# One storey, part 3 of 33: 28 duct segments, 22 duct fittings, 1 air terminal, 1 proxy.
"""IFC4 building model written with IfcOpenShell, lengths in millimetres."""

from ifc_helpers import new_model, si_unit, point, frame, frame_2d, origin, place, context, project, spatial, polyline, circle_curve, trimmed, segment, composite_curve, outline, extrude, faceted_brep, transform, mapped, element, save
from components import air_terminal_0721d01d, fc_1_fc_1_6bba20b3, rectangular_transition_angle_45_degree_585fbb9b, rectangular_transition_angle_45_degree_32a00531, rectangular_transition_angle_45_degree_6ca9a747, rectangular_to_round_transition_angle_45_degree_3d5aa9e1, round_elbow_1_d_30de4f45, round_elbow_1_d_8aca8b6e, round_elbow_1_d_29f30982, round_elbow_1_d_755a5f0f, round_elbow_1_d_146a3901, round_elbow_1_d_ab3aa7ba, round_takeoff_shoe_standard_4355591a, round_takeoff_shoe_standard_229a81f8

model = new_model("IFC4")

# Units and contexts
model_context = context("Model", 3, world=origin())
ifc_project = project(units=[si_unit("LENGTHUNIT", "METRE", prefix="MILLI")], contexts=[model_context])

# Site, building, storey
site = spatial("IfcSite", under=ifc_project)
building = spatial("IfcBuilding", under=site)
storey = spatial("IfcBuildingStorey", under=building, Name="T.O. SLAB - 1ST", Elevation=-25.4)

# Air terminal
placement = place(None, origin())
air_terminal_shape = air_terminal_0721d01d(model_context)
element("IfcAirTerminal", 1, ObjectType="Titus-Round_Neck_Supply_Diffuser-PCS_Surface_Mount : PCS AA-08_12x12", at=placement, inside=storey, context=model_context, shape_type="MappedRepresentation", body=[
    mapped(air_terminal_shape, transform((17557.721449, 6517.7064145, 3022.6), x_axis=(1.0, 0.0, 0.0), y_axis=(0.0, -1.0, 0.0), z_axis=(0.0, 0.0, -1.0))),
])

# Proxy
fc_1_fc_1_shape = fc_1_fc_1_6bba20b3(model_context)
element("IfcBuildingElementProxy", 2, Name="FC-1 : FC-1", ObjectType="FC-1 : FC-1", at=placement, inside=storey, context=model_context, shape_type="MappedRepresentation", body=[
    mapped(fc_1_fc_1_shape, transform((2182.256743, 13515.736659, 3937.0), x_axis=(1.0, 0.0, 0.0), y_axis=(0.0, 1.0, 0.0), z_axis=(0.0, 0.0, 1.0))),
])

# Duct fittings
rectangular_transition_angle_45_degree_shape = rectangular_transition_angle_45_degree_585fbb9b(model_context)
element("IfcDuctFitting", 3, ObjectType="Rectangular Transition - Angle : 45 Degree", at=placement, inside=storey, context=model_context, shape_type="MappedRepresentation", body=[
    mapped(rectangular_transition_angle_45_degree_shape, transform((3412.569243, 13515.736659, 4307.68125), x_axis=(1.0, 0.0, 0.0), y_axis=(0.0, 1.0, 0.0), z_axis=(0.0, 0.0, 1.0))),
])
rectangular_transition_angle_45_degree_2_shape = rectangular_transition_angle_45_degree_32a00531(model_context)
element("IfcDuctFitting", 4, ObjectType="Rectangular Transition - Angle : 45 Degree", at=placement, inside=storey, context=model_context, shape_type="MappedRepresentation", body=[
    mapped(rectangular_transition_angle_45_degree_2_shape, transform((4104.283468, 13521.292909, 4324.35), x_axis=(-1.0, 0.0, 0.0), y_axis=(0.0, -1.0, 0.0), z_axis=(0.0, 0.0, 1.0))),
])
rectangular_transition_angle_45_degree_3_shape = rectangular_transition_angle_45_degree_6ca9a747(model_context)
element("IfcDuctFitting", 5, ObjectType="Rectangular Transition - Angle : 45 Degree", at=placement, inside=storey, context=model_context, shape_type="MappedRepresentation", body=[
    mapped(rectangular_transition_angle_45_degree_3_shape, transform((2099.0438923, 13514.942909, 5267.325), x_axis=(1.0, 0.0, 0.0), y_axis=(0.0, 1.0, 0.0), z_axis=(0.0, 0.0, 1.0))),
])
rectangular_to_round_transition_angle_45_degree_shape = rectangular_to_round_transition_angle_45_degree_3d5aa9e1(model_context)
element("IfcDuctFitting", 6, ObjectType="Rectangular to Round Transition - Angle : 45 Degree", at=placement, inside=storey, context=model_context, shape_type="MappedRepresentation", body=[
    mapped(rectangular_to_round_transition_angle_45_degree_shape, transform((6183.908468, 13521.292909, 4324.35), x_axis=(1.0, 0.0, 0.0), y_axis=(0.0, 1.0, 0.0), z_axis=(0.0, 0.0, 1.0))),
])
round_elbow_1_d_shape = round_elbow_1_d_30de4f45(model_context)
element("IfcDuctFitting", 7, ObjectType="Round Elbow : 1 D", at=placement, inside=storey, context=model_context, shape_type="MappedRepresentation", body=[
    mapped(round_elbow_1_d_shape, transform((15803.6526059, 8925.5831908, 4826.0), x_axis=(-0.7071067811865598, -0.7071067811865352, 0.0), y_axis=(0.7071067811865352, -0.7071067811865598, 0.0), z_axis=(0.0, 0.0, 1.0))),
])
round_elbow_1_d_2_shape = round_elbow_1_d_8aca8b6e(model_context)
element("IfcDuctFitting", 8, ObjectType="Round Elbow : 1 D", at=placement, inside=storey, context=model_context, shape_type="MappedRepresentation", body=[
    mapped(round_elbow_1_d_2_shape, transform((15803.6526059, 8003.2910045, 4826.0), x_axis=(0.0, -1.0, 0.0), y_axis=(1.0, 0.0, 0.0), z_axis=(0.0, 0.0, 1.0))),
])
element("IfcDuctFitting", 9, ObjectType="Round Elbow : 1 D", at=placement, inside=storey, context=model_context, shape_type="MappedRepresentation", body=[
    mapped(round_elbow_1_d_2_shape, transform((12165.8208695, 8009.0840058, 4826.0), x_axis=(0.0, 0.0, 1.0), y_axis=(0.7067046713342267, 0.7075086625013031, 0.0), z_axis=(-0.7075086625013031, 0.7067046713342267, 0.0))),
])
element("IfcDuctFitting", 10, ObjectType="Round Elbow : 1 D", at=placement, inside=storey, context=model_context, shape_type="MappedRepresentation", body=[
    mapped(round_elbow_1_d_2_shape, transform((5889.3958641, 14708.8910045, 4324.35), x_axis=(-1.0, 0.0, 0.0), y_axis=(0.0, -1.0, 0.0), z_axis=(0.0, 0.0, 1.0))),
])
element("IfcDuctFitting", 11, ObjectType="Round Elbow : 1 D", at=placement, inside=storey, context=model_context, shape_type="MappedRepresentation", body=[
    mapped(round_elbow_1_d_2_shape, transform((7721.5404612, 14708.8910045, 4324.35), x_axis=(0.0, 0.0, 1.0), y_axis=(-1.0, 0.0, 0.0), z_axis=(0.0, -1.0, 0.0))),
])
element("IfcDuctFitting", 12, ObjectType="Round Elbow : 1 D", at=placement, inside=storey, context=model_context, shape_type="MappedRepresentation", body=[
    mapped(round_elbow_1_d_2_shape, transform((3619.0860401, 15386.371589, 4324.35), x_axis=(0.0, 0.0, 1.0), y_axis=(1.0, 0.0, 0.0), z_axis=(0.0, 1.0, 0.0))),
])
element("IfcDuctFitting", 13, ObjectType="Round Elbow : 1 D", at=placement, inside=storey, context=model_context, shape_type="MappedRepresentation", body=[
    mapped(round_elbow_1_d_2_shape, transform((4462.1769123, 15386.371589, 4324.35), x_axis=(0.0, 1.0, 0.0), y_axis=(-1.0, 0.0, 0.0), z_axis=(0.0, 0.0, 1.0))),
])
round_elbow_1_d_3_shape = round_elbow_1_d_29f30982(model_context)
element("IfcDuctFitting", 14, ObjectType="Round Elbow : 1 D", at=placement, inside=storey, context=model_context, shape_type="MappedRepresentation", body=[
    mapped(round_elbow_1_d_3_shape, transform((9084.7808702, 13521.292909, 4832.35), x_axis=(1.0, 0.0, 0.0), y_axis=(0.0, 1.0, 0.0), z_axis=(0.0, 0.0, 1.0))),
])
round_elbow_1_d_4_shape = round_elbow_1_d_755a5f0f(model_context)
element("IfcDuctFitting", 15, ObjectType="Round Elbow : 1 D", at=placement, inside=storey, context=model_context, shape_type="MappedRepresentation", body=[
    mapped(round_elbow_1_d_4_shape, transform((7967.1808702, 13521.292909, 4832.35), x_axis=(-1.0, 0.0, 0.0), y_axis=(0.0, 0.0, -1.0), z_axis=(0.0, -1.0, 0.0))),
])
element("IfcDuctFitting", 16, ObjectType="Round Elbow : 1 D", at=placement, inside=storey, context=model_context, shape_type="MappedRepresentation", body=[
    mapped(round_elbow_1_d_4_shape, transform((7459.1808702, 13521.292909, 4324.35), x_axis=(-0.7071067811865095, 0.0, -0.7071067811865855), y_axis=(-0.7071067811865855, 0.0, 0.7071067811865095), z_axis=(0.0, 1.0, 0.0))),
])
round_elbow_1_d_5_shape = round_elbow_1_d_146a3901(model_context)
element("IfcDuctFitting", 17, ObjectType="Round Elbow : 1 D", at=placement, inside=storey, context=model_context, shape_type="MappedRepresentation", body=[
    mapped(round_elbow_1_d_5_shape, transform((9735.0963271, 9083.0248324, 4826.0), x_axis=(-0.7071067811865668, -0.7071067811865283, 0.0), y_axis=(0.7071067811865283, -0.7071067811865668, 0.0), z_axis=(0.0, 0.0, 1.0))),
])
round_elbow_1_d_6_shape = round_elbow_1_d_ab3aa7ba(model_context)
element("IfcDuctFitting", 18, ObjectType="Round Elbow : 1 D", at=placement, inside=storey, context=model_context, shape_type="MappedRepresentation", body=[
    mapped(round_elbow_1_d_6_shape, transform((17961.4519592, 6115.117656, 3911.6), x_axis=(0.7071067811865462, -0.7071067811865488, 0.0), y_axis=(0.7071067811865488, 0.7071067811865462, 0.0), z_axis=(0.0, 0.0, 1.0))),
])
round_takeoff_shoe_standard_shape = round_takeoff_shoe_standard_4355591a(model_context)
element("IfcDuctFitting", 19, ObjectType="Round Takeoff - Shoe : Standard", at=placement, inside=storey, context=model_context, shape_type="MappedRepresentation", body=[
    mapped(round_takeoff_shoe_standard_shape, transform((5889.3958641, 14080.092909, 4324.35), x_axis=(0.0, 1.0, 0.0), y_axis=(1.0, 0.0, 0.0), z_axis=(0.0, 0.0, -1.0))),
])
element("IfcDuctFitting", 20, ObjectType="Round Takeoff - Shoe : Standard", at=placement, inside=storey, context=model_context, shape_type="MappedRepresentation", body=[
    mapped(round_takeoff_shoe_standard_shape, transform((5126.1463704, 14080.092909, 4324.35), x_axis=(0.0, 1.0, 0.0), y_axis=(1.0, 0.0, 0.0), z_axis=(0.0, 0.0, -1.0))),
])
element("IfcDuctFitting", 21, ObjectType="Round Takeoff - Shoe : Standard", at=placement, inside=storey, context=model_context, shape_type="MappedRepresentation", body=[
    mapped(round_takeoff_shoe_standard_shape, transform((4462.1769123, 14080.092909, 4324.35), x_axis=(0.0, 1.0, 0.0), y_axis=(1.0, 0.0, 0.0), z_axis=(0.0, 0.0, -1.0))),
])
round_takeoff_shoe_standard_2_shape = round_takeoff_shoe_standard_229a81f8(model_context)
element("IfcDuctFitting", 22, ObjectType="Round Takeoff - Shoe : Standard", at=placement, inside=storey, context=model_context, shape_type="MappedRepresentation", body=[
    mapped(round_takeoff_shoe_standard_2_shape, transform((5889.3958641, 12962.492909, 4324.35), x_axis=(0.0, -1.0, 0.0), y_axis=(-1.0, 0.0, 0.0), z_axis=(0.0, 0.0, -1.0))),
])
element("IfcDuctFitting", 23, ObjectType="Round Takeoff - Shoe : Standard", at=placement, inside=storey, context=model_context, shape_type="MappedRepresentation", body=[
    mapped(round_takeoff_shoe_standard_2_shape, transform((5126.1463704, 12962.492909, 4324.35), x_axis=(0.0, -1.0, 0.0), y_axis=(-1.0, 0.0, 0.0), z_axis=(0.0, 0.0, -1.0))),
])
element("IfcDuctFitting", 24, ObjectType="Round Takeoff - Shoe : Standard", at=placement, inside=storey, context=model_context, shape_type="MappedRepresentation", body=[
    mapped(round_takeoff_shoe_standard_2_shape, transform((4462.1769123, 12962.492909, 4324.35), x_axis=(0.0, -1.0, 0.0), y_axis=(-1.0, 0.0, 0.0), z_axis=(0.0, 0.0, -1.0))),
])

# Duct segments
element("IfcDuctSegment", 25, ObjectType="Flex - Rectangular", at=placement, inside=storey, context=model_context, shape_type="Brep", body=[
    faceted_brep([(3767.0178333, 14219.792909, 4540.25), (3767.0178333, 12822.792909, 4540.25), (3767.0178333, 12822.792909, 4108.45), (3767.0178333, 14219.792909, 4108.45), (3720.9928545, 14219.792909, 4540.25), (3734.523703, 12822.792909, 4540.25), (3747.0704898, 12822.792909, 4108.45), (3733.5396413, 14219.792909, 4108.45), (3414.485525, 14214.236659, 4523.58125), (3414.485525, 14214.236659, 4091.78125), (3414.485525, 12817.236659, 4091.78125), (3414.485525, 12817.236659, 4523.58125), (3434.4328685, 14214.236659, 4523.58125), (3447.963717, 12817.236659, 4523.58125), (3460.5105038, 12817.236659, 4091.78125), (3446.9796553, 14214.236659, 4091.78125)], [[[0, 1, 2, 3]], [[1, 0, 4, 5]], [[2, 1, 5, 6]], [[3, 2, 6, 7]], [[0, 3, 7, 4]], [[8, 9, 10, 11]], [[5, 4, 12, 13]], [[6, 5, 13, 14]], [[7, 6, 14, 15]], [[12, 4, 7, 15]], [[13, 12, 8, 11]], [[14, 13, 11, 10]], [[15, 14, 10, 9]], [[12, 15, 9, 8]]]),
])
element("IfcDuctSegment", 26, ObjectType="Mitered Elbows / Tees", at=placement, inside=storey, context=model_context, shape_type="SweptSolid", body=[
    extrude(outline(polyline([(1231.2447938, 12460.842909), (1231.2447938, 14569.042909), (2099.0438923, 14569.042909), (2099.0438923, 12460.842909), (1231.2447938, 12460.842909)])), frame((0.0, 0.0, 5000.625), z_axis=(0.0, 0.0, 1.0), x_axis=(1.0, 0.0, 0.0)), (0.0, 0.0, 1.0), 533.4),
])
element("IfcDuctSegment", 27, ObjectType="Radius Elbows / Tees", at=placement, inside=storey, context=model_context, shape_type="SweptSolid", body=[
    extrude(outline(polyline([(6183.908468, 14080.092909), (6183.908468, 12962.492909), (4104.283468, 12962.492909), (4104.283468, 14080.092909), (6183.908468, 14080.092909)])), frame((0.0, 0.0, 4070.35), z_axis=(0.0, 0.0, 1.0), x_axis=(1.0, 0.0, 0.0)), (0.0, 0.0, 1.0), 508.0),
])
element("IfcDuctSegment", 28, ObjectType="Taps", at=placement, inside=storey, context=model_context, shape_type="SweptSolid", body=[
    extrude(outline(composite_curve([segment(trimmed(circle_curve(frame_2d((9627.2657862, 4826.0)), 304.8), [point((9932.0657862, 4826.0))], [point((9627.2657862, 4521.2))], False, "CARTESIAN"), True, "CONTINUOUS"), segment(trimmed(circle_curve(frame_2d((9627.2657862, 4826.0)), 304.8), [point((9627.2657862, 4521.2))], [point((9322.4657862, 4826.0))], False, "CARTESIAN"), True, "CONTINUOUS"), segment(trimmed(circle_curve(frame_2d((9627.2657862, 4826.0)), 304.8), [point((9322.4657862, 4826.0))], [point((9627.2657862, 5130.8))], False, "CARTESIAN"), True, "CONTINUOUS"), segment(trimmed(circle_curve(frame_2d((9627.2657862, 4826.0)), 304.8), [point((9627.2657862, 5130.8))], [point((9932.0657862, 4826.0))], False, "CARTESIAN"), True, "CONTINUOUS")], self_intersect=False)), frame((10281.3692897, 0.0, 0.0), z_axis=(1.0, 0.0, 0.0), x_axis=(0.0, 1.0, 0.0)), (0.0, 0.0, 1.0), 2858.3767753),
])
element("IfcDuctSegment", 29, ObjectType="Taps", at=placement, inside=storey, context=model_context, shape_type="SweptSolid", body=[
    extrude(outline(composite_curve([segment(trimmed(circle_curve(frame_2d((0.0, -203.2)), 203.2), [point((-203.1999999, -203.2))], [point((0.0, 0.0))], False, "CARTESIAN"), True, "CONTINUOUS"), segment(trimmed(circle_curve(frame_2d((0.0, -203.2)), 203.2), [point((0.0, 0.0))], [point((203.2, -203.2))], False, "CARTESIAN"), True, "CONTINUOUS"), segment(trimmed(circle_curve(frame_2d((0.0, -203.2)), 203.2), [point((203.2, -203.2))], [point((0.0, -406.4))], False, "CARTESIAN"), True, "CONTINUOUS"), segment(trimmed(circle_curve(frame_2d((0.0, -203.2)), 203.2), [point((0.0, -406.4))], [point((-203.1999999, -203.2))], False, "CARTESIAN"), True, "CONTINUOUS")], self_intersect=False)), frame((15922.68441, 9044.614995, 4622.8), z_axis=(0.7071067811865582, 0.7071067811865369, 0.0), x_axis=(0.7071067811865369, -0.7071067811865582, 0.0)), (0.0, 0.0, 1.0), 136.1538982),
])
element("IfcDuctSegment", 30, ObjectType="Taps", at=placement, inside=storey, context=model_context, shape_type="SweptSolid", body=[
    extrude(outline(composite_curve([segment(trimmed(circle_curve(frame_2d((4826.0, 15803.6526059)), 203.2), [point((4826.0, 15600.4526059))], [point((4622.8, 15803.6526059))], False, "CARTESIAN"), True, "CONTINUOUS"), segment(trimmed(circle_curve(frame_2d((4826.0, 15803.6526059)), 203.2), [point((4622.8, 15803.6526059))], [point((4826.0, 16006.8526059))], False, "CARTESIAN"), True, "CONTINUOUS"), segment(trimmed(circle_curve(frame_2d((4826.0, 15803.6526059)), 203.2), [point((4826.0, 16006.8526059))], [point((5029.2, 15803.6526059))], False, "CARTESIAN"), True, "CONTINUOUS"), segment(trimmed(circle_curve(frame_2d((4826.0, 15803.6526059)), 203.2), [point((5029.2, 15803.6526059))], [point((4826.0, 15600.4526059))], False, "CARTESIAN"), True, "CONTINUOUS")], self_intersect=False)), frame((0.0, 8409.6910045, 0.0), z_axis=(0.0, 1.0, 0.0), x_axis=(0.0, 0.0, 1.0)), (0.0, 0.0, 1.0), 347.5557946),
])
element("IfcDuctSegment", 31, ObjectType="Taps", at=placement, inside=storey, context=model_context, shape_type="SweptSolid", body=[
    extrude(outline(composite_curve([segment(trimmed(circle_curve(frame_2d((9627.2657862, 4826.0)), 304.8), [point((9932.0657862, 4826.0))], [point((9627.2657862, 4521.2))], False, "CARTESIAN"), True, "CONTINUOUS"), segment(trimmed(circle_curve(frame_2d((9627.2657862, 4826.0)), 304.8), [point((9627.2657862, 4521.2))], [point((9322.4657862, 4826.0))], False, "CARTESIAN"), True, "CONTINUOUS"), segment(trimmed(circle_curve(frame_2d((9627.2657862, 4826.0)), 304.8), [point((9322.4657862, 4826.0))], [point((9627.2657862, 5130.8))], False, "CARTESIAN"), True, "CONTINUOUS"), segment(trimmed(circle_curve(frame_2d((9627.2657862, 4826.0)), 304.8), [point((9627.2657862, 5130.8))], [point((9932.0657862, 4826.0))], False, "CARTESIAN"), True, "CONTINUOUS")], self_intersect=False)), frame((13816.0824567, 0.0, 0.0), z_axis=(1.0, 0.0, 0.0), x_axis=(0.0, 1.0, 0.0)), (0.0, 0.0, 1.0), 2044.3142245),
────────────────
#### [EXERCISE REQUIREMENTS]
Give again, unchanged, the lines running from the top of the material above through the line that has "building model written", and nothing more.

#### [FINISHED TASK]
# One storey, part 3 of 33: 28 duct segments, 22 duct fittings, 1 air terminal, 1 proxy.
"""IFC4 building model written with IfcOpenShell, lengths in millimetres."""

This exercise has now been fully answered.